In the conventional mounting member 1 shown in FIGS. 25 to 29, the shapes of the inner arms 1A and 1B are determined mainly in consideration of the fact that the inner arms can deal with a bending moment caused by the brake torque applied to the inner pad. Thus, as shown FIG. 27, the dimensions of the inner arms 1A and 1B in the rotor shaft direction are smaller than those of the mounting portions 1Aa and 1Ba in the rotor shaft direction. And, the respective portions of the inner arm 1A, which receives the brake torque when the car is running forwardly, correspond to the bending moment caused by the brake torque applied to the inner pad and, as the inner arm 1A portions approach the mounting portion 1Aa, they have greater sectional secondary moments I. Also, the section shape of the outer bridge 1H is determined mainly in consideration of simply connecting the outer arms 1C and 1D to each other and, basically, the outer bridge 1H has a uniform section shape.

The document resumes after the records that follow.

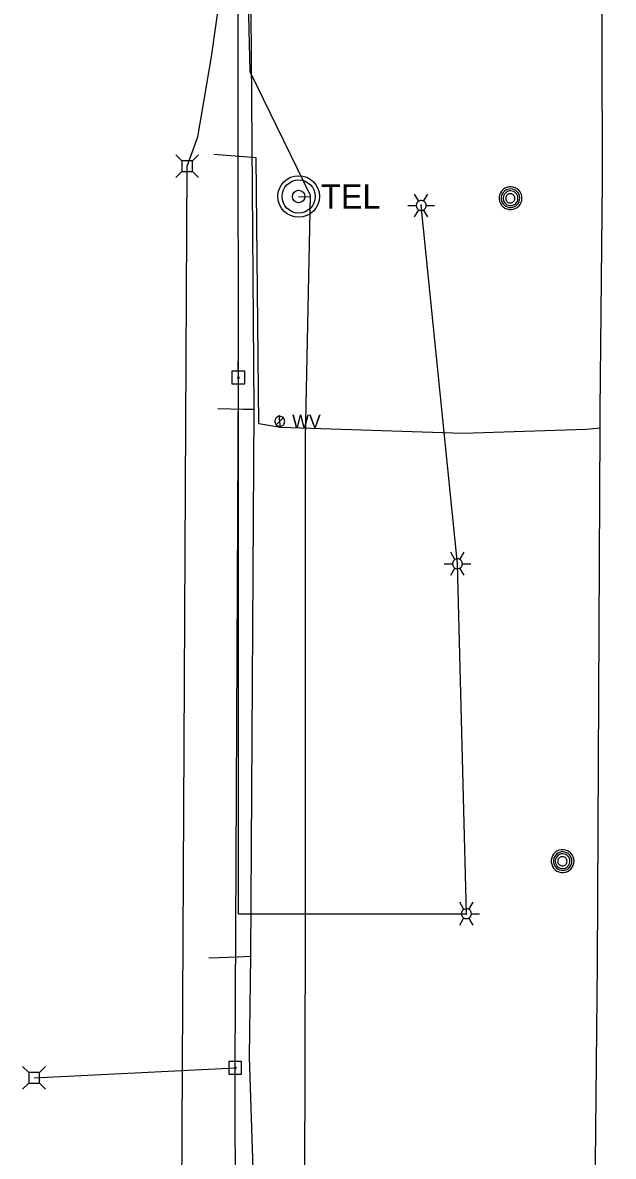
# Model space of a CAD drawing. Extents: x 600849 to 606371, y 330010 to 403088.
# Drawn here: x 601988 to 602158.6, y 367064.8 to 367392 of the extents above; entities that cross this region are included whole.
import ezdxf

# ---------------------------------------------------------------- set-up
doc = ezdxf.new("R2010")
doc.units = 0
for name, color, linetype in [('E_LTG', 7, 'Continuous'), ('E_UTL_AG_Bold', 7, 'Continuous'), ('E_UTL_E_UG', 7, 'Continuous'), ('E_UTL_EPowerPole', 7, 'Continuous'), ('E_UTL_G_UG', 7, 'Continuous'), ('E_UTL_MH', 7, 'Continuous'), ('E_UTL_Overhead', 7, 'Continuous'), ('E_UTL_T_MH', 7, 'Continuous'), ('E_UTL_T_UG', 7, 'Continuous'), ('E_UTL_W', 7, 'Continuous'), ('E_UTL_W_UG', 7, 'Continuous')]:
    doc.layers.add(name, color=color, linetype=linetype)

msp = doc.modelspace()

# ---------------------------------------------------------------- linework, layer by layer
at = {"layer": 'E_LTG'}
for points in [[(602102.4, 367340.45), (602101.21, 367342.51)], [(602103.83, 367340.45), (602105.02, 367342.51)], [(602099.31, 367339.21), (602101.69, 367339.21)], [(602104.55, 367339.21), (602104.52, 367339.48), (602104.45, 367339.75), (602104.32, 367339.99), (602104.15, 367340.2), (602103.95, 367340.38), (602103.71, 367340.51), (602103.46, 367340.6), (602103.19, 367340.64), (602102.92, 367340.63), (602102.65, 367340.56), (602102.4, 367340.45), (602102.18, 367340.29), (602102, 367340.1), (602101.85, 367339.87), (602101.75, 367339.62), (602101.7, 367339.35), (602101.7, 367339.08), (602101.75, 367338.81), (602101.85, 367338.56), (602102, 367338.33), (602102.18, 367338.13), (602102.4, 367337.98), (602102.65, 367337.86), (602102.92, 367337.8), (602103.19, 367337.79), (602103.46, 367337.83), (602103.71, 367337.91), (602103.95, 367338.05), (602104.15, 367338.23), (602104.32, 367338.44), (602104.45, 367338.68), (602104.52, 367338.94), (602104.55, 367339.21)], [(602104.55, 367339.21), (602104.52, 367339.48), (602104.45, 367339.75), (602104.32, 367339.99), (602104.15, 367340.2), (602103.95, 367340.38), (602103.71, 367340.51), (602103.46, 367340.6), (602103.19, 367340.64), (602102.92, 367340.63), (602102.65, 367340.56), (602102.4, 367340.45), (602102.18, 367340.29), (602102, 367340.1), (602101.85, 367339.87), (602101.75, 367339.62), (602101.7, 367339.35), (602101.7, 367339.08), (602101.75, 367338.81), (602101.85, 367338.56), (602102, 367338.33), (602102.18, 367338.13), (602102.4, 367337.98), (602102.65, 367337.86), (602102.92, 367337.8), (602103.19, 367337.79), (602103.46, 367337.83), (602103.71, 367337.91), (602103.95, 367338.05), (602104.15, 367338.23), (602104.32, 367338.44), (602104.45, 367338.68), (602104.52, 367338.94), (602104.55, 367339.21)], [(602104.55, 367339.21), (602104.52, 367339.48), (602104.45, 367339.75), (602104.32, 367339.99), (602104.15, 367340.2), (602103.95, 367340.38), (602103.71, 367340.51), (602103.46, 367340.6), (602103.19, 367340.64), (602102.92, 367340.63), (602102.65, 367340.56), (602102.4, 367340.45), (602102.18, 367340.29), (602102, 367340.1), (602101.85, 367339.87), (602101.75, 367339.62), (602101.7, 367339.35), (602101.7, 367339.08), (602101.75, 367338.81), (602101.85, 367338.56), (602102, 367338.33), (602102.18, 367338.13), (602102.4, 367337.98), (602102.65, 367337.86), (602102.92, 367337.8), (602103.19, 367337.79), (602103.46, 367337.83), (602103.71, 367337.91), (602103.95, 367338.05), (602104.15, 367338.23), (602104.32, 367338.44), (602104.45, 367338.68), (602104.52, 367338.94), (602104.55, 367339.21)], [(602103.24, 367339.21), (602103.24, 367339.24), (602103.23, 367339.26), (602103.22, 367339.28), (602103.2, 367339.3), (602103.19, 367339.31), (602103.17, 367339.32), (602103.15, 367339.33), (602103.12, 367339.33), (602103.1, 367339.33), (602103.08, 367339.33), (602103.06, 367339.32), (602103.04, 367339.3), (602103.03, 367339.29), (602103.01, 367339.27), (602103, 367339.25), (602103, 367339.23), (602103, 367339.2), (602103, 367339.18), (602103.01, 367339.16), (602103.03, 367339.14), (602103.04, 367339.12), (602103.06, 367339.11), (602103.08, 367339.1), (602103.1, 367339.1), (602103.12, 367339.1), (602103.15, 367339.1), (602103.17, 367339.11), (602103.19, 367339.12), (602103.2, 367339.13), (602103.22, 367339.15), (602103.23, 367339.17), (602103.24, 367339.19), (602103.24, 367339.21)], [(602104.55, 367339.21), (602106.93, 367339.21)], [(602101.21, 367335.91), (602102.4, 367337.98)], [(602105.02, 367335.91), (602103.83, 367337.98)], [(602112.88, 367237.04), (602111.69, 367239.1)], [(602115.03, 367235.8), (602115, 367236.07), (602114.93, 367236.33), (602114.8, 367236.57), (602114.63, 367236.78), (602114.43, 367236.96), (602114.19, 367237.1), (602113.94, 367237.19), (602113.67, 367237.22), (602113.4, 367237.21), (602113.13, 367237.15), (602112.88, 367237.04), (602112.66, 367236.88), (602112.48, 367236.68), (602112.33, 367236.45), (602112.23, 367236.2), (602112.18, 367235.93), (602112.18, 367235.66), (602112.23, 367235.39), (602112.33, 367235.14), (602112.48, 367234.91), (602112.66, 367234.72), (602112.88, 367234.56), (602113.13, 367234.45), (602113.4, 367234.38), (602113.67, 367234.37), (602113.94, 367234.41), (602114.19, 367234.5), (602114.43, 367234.63), (602114.63, 367234.81), (602114.8, 367235.02), (602114.93, 367235.27), (602115, 367235.53), (602115.03, 367235.8)], [(602115.03, 367235.8), (602115, 367236.07), (602114.93, 367236.33), (602114.8, 367236.57), (602114.63, 367236.78), (602114.43, 367236.96), (602114.19, 367237.1), (602113.94, 367237.19), (602113.67, 367237.22), (602113.4, 367237.21), (602113.13, 367237.15), (602112.88, 367237.04), (602112.66, 367236.88), (602112.48, 367236.68), (602112.33, 367236.45), (602112.23, 367236.2), (602112.18, 367235.93), (602112.18, 367235.66), (602112.23, 367235.39), (602112.33, 367235.14), (602112.48, 367234.91), (602112.66, 367234.72), (602112.88, 367234.56), (602113.13, 367234.45), (602113.4, 367234.38), (602113.67, 367234.37), (602113.94, 367234.41), (602114.19, 367234.5), (602114.43, 367234.63), (602114.63, 367234.81), (602114.8, 367235.02), (602114.93, 367235.27), (602115, 367235.53), (602115.03, 367235.8)], [(602115.03, 367235.8), (602115, 367236.07), (602114.93, 367236.33), (602114.8, 367236.57), (602114.63, 367236.78), (602114.43, 367236.96), (602114.19, 367237.1), (602113.94, 367237.19), (602113.67, 367237.22), (602113.4, 367237.21), (602113.13, 367237.15), (602112.88, 367237.04), (602112.66, 367236.88), (602112.48, 367236.68), (602112.33, 367236.45), (602112.23, 367236.2), (602112.18, 367235.93), (602112.18, 367235.66), (602112.23, 367235.39), (602112.33, 367235.14), (602112.48, 367234.91), (602112.66, 367234.72), (602112.88, 367234.56), (602113.13, 367234.45), (602113.4, 367234.38), (602113.67, 367234.37), (602113.94, 367234.41), (602114.19, 367234.5), (602114.43, 367234.63), (602114.63, 367234.81), (602114.8, 367235.02), (602114.93, 367235.27), (602115, 367235.53), (602115.03, 367235.8)], [(602114.31, 367237.04), (602115.5, 367239.1)], [(602109.79, 367235.8), (602112.17, 367235.8)], [(602111.69, 367232.5), (602112.88, 367234.56)], [(602113.72, 367235.8), (602113.72, 367235.82), (602113.71, 367235.84), (602113.7, 367235.86), (602113.68, 367235.88), (602113.67, 367235.89), (602113.65, 367235.91), (602113.63, 367235.91), (602113.6, 367235.92), (602113.58, 367235.92), (602113.56, 367235.91), (602113.54, 367235.9), (602113.52, 367235.89), (602113.51, 367235.87), (602113.49, 367235.85), (602113.48, 367235.83), (602113.48, 367235.81), (602113.48, 367235.79), (602113.48, 367235.76), (602113.49, 367235.74), (602113.51, 367235.72), (602113.52, 367235.71), (602113.54, 367235.69), (602113.56, 367235.68), (602113.58, 367235.68), (602113.6, 367235.68), (602113.63, 367235.68), (602113.65, 367235.69), (602113.67, 367235.7), (602113.68, 367235.72), (602113.7, 367235.73), (602113.71, 367235.75), (602113.72, 367235.77), (602113.72, 367235.8)], [(602115.5, 367232.5), (602114.31, 367234.56)], [(602115.03, 367235.8), (602117.41, 367235.8)], [(602115.47, 367136.03), (602114.28, 367138.09)], [(602117.61, 367134.79), (602117.59, 367135.06), (602117.51, 367135.32), (602117.39, 367135.56), (602117.22, 367135.78), (602117.01, 367135.96), (602116.78, 367136.09), (602116.52, 367136.18), (602116.25, 367136.22), (602115.98, 367136.21), (602115.72, 367136.14), (602115.47, 367136.03), (602115.25, 367135.87), (602115.06, 367135.68), (602114.91, 367135.45), (602114.81, 367135.19), (602114.76, 367134.93), (602114.76, 367134.66), (602114.81, 367134.39), (602114.91, 367134.14), (602115.06, 367133.91), (602115.25, 367133.71), (602115.47, 367133.55), (602115.72, 367133.44), (602115.98, 367133.38), (602116.25, 367133.36), (602116.52, 367133.4), (602116.78, 367133.49), (602117.01, 367133.63), (602117.22, 367133.81), (602117.39, 367134.02), (602117.51, 367134.26), (602117.59, 367134.52), (602117.61, 367134.79)], [(602117.61, 367134.79), (602117.59, 367135.06), (602117.51, 367135.32), (602117.39, 367135.56), (602117.22, 367135.78), (602117.01, 367135.96), (602116.78, 367136.09), (602116.52, 367136.18), (602116.25, 367136.22), (602115.98, 367136.21), (602115.72, 367136.14), (602115.47, 367136.03), (602115.25, 367135.87), (602115.06, 367135.68), (602114.91, 367135.45), (602114.81, 367135.19), (602114.76, 367134.93), (602114.76, 367134.66), (602114.81, 367134.39), (602114.91, 367134.14), (602115.06, 367133.91), (602115.25, 367133.71), (602115.47, 367133.55), (602115.72, 367133.44), (602115.98, 367133.38), (602116.25, 367133.36), (602116.52, 367133.4), (602116.78, 367133.49), (602117.01, 367133.63), (602117.22, 367133.81), (602117.39, 367134.02), (602117.51, 367134.26), (602117.59, 367134.52), (602117.61, 367134.79)], [(602117.61, 367134.79), (602117.59, 367135.06), (602117.51, 367135.32), (602117.39, 367135.56), (602117.22, 367135.78), (602117.01, 367135.96), (602116.78, 367136.09), (602116.52, 367136.18), (602116.25, 367136.22), (602115.98, 367136.21), (602115.72, 367136.14), (602115.47, 367136.03), (602115.25, 367135.87), (602115.06, 367135.68), (602114.91, 367135.45), (602114.81, 367135.19), (602114.76, 367134.93), (602114.76, 367134.66), (602114.81, 367134.39), (602114.91, 367134.14), (602115.06, 367133.91), (602115.25, 367133.71), (602115.47, 367133.55), (602115.72, 367133.44), (602115.98, 367133.38), (602116.25, 367133.36), (602116.52, 367133.4), (602116.78, 367133.49), (602117.01, 367133.63), (602117.22, 367133.81), (602117.39, 367134.02), (602117.51, 367134.26), (602117.59, 367134.52), (602117.61, 367134.79)], [(602116.9, 367136.03), (602118.09, 367138.09)], [(602112.37, 367134.79), (602114.76, 367134.79)], [(602114.28, 367131.49), (602115.47, 367133.55)], [(602116.3, 367134.79), (602116.3, 367134.81), (602116.3, 367134.84), (602116.28, 367134.86), (602116.27, 367134.87), (602116.25, 367134.89), (602116.23, 367134.9), (602116.21, 367134.91), (602116.19, 367134.91), (602116.17, 367134.91), (602116.15, 367134.9), (602116.13, 367134.89), (602116.11, 367134.88), (602116.09, 367134.87), (602116.08, 367134.85), (602116.07, 367134.83), (602116.07, 367134.8), (602116.07, 367134.78), (602116.07, 367134.76), (602116.08, 367134.74), (602116.09, 367134.72), (602116.11, 367134.7), (602116.13, 367134.69), (602116.15, 367134.68), (602116.17, 367134.67), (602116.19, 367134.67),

As for the disk brake as the automotive wheel brake, efforts have been concentrated on the control of the brake squeal in order to reduce the noise of the brake as well as the displeasure of a driver and others due to the noise. As a result of this, the high frequency brake squeal that has been often occurring for long time can be controlled now by interposing a rubber-coated shim between the inner pad and a piston for pressing the inner pad against the rotor as well as between the outer pad and a calipers claw portion for pressing the pad against the rotor, or by interposing a shim with a grease storage portion between them, or by chamfering the respective ends of the friction linings of the pads in the rotor peripheral direction (see the above-mentioned TOYOTA ARISTO Repair Manual, Japanese Utility Model Unexamined Publication No. Sho 60-58936, and Japanese Utility Model Unexamined Publication No. Sho 60-58938).
However, in the above-mentioned disk brake including the mounting member shown in FIG. 26 to 29 and other parts, the size or weight reduction thereof, the use of other material than asbestos in the friction lining, the weight reduction of the wheel peripheral parts of the automotive chassis, and the like have produced an ill effect as well, that is, the increased occurrence of a low frequency brake squeal (when compared with the high frequency brake squeal, the sound pressure level of the low frequency brake squeal is by far the higher and reaches far away). And, no effective measures have been so far developed against the low frequency brake squeal, which does not impede the promotion of the weight reduction of the brake disk and the non-use of the asbestos in the friction lining.